[Start of Attachment]

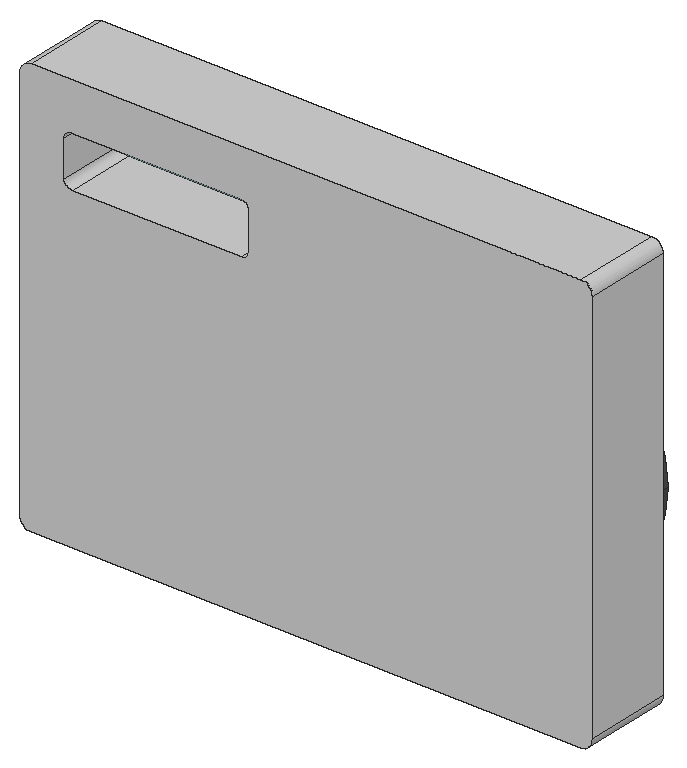
Revit family "Building-IEC309Connections-GEWISS-44IB-INTERLOCKED-SOCKET-OUTLETS_IP44_WITHOUT_BOTTOM", category Apparecchi elettrici, host Muro, Revit 2016
Family settings
  Host = Muro
  Mantenere orientamento annotazione = Sì
  Tipo di parte = Normale
  Quota connettore circolare = Usa diametro
  Numero OmniClass = 23.80.50.14
  Titolo OmniClass = Plug Connectors
  Sempre verticale = Sì
  Taglio con vuoti quando caricato = No
  Condiviso = No
  Punto di calcolo locali = No
Parameters (values of type "GW66122 - 32A 3P+N+E 500V H.INT.SOCK.O.N.B. 7H SBF")
  Working temperature = "-25 ÷ +40 °C"
  With back-mounting box = "No"
  Vista di pianta [instance] = yes
  Vetro = GEWISS - vetro
  Version file RFA = "18.0"
  URL = "https://www.gewiss.com/ww/en"
  Typology = "Horizontal"
  Tipo simbolo = PRESAIND : 3P
  Thermo-pressure with ball = "125 °C"
  Technical sheet = "https://www.gewiss.com/ww/en/search?q=GW66122"
  Struttura = GEWISS - Grigio RAL - 7035
  Simbolo [instance] = yes
  Shock resistance = "IK08"
  SEO = "Socket outlet"
  Reference h = "7"
  Realized by GEWISS S.p.A. = ""
  Rated voltage = "480-500V"
  Rated frequency (Hz) = "50/60 Hz"
  Rated current (In) = "32"
  Rated current (A) = "32"
  Protection = "NO (SBF)"
  Produttore = "GEWISS S.p.A."
  Presa = GEWISS - NERO
  Potenza = 500 V
  Operating temperature: = "-25 +40 °C"
  Numero poli = 3
  Number of poles = "3P+N+E"
  No. of poles = "3P+N+E"
  Modello = "GW66122"
  Immagine tipo = GW66110.jpg
  IP degree = "IP44"
  IFC.TypeObject = ""
  IFC.ExportType = ""
  IFC.ExportAs = ""
  IDT = "ec1a1901-e242-435b-8cd0-c029da0151fc"
  IDF = "e04837b6-ddbd-45f3-abac-050fc58771e5"
  Glow wire test: = "850 °C (active parts) - 650 °C (passive parts)"
  Glow Wire Test = "850 °C (active parts) - 650 °C (passive parts)"
  Frequency = "50/60 Hz"
  Electrocod = "2220"
  EAN code = "8011564029286"
  Distanza orizzontale del simbolo [instance] = 0 mm
  Distanza dal muro [instance] = 0 mm
  Descrizione = "32A 3P+N+E 500V H.INT.SOCK.O.N.B. 7H SBF"
  Cornice simbolo [instance] = yes
  Colour: = "Black"
  Colour = "Black"
  Classificazione carico = Altro
  Catalogue Range = "44 IB"
  Catalogue = "BUILDING"
  Carico apparente = 0 VA
  COBie.Tagnumber = ""
  COBie.CreatedOn = ""
  COBie.CreatebBy = ""
  COBie.ComponentRegisterItemID = ""
  COBie.Component.TagNumber = ""
  COBie.Component.Space = ""
  COBie.Component.SerialNumber = ""
  COBie.Component.InstallationDate = ""
  COBie.Component.Description = ""
  COBie.Component.BarCode = ""
  Altezza da terra = 820 mm
Types (22, lengths in mm): name | Tipo simbolo | Technical sheet | Reference h | Rated voltage | Rated current (In) | Rated current (A) | Presa | Potenza | Numero poli | Number of poles | No. of poles | Modello | Immagine tipo | IDT | EAN code | Descrizione | Colour: | Colour
  GW66101 - 16A 2P+E 110V H.INT.SOCK.O.N.B. 4H SBF | PRESAIND : 2P | "https://www.gewiss.com/ww/en/search?q=GW66101" | "4" | "100-130V" | "16" | "16" | GEWISS - GIALLO | 110 V | 2 | "2P+E" | "2P+E" | "GW66101" | GW66101.jpg | "2c57154b-6e8f-4376-a74e-49afbf6dba93" | "8011564029071" | "16A 2P+E 110V H.INT.SOCK.O.N.B. 4H SBF" | "Yellow" | "Yellow"
  GW66102 - 16A 3P+E 110V H.INT.SOCK.O.N.B. 4H SBF | PRESAIND : 3P | "https://www.gewiss.com/ww/en/search?q=GW66102" | "4" | "100-130V" | "16" | "16" | GEWISS - GIALLO | 110 V | 3 | "3P+E" | "3P+E" | "GW66102" | GW66101.jpg | "2e4dcdfe-6199-4545-9901-9bd4a19a4244" | "8011564029088" | "16A 3P+E 110V H.INT.SOCK.O.N.B. 4H SBF" | "Yellow" | "Yellow"
  GW66103 - 16A 3P+N+E 110V H.INT.SOCK.O.N.B. 4H SBF | PRESAIND : 3P | "https://www.gewiss.com/ww/en/search?q=GW66103" | "4" | "100-130V" | "16" | "16" | GEWISS - GIALLO | 110 V | 3 | "3P+N+E" | "3P+N+E" | "GW66103" | GW66101.jpg | "0e5336a2-8baf-4959-8192-12b888eb230a" | "8011564029095" | "16A 3P+N+E 110V H.INT.SOCK.O.N.B. 4H SBF" | "Yellow" | "Yellow"
  GW66104 - 16A 2P+E 230V H.INT.SOCK.O.N.B. 6H SBF | PRESAIND : 2P | "https://www.gewiss.com/ww/en/search?q=GW66104" | "6" | "200-250V" | "16" | "16" | GEWISS -BLU | 230 V | 2 | "2P+E" | "2P+E" | "GW66104" | GW66104.jpg | "faebfb30-8dbf-4413-992a-bb2ae1c264e7" | "8011564029101" | "16A 2P+E 230V H.INT.SOCK.O.N.B. 6H SBF" | "Blue" | "Blue"
  GW66105 - 16A 3P+E 230V H.INT.SOCK.O.N.B. 9H SBF | PRESAIND : 3P | "https://www.gewiss.com/ww/en/search?q=GW66105" | "9" | "200-250V" | "16" | "16" | GEWISS -BLU | 230 V | 3 | "3P+E" | "3P+E" | "GW66105" | GW66104.jpg | "81b5f5ee-9308-41bc-b5f0-8b8ad92b0aaa" | "8011564029118" | "16A 3P+E 230V H.INT.SOCK.O.N.B. 9H SBF" | "Blue" | "Blue"
  GW66106 - 16A 3P+N+E 230V H.INT.SOCK.O.N.B. 9H SBF | PRESAIND : 3P | "https://www.gewiss.com/ww/en/search?q=GW66106" | "9" | "200-250V" | "16" | "16" | GEWISS -BLU | 230 V | 3 | "3P+N+E" | "3P+N+E" | "GW66106" | GW66104.jpg | "3ba0a6b4-9b79-41e2-859e-a0e4b9216ad2" | "8011564029125" | "16A 3P+N+E 230V H.INT.SOCK.O.N.B. 9H SBF" | "Blue" | "Blue"
  GW66107 - 16A 2P+E 400V H.INT.SOCK.O.N.B. 9H SBF | PRESAIND : 2P | "https://www.gewiss.com/ww/en/search?q=GW66107" | "9" | "380-415V" | "16" | "16" | GW - ROSSO | 400 V | 2 | "2P+E" | "2P+E" | "GW66107" | GW66107.jpg | "2c082bb2-9b14-4527-90ca-9b3a4cddb2d8" | "8011564029132" | "16A 2P+E 400V H.INT.SOCK.O.N.B. 9H SBF" | "Red" | "Red"
  GW66108 - 16A 3P+E 400V H.INT.SOCK.O.N.B. 6H SBF | PRESAIND : 3P | "https://www.gewiss.com/ww/en/search?q=GW66108" | "6" | "380-415V" | "16" | "16" | GW - ROSSO | 400 V | 3 | "3P+E" | "3P+E" | "GW66108" | GW66107.jpg | "af3b7597-9b04-4bd2-8853-f24eeaf5e48f" | "8011564029149" | "16A 3P+E 400V H.INT.SOCK.O.N.B. 6H SBF" | "Red" | "Red"
  GW66109 - 16A 3P+N+E 400V H.INT.SOCK.O.N.B. 6H SBF | PRESAIND : 3P | "https://www.gewiss.com/ww/en/search?q=GW66109" | "6" | "380-415V" | "16" | "16" | GW - ROSSO | 400 V | 3 | "3P+N+E" | "3P+N+E" | "GW66109" | GW66107.jpg | "fc1599a9-e022-48eb-bcb1-8fa93df7b1e3" | "8011564029156" | "16A 3P+N+E 400V H.INT.SOCK.O.N.B. 6H SBF" | "Red" | "Red"
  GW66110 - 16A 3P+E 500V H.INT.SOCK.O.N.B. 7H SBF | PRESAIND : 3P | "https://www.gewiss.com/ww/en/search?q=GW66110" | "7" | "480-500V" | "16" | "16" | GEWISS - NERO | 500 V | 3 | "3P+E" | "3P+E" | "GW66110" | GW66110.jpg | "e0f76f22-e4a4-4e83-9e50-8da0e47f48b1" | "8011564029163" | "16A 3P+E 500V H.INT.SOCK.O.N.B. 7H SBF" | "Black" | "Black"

[End of Attachment]

**WHAT YOU HAVE TO DO:** In the material above, transcribe exactly the lines beginning at the one with "Altezza da terra = 820 mm" and ending at the one with "GW66102 - 16A", both included.

**TASK OUTPUT:**
  Altezza da terra = 820 mm
Types (22, lengths in mm): name | Tipo simbolo | Technical sheet | Reference h | Rated voltage | Rated current (In) | Rated current (A) | Presa | Potenza | Numero poli | Number of poles | No. of poles | Modello | Immagine tipo | IDT | EAN code | Descrizione | Colour: | Colour
  GW66101 - 16A 2P+E 110V H.INT.SOCK.O.N.B. 4H SBF | PRESAIND : 2P | "https://www.gewiss.com/ww/en/search?q=GW66101" | "4" | "100-130V" | "16" | "16" | GEWISS - GIALLO | 110 V | 2 | "2P+E" | "2P+E" | "GW66101" | GW66101.jpg | "2c57154b-6e8f-4376-a74e-49afbf6dba93" | "8011564029071" | "16A 2P+E 110V H.INT.SOCK.O.N.B. 4H SBF" | "Yellow" | "Yellow"
  GW66102 - 16A 3P+E 110V H.INT.SOCK.O.N.B. 4H SBF | PRESAIND : 3P | "https://www.gewiss.com/ww/en/search?q=GW66102" | "4" | "100-130V" | "16" | "16" | GEWISS - GIALLO | 110 V | 3 | "3P+E" | "3P+E" | "GW66102" | GW66101.jpg | "2e4dcdfe-6199-4545-9901-9bd4a19a4244" | "8011564029088" | "16A 3P+E 110V H.INT.SOCK.O.N.B. 4H SBF" | "Yellow" | "Yellow"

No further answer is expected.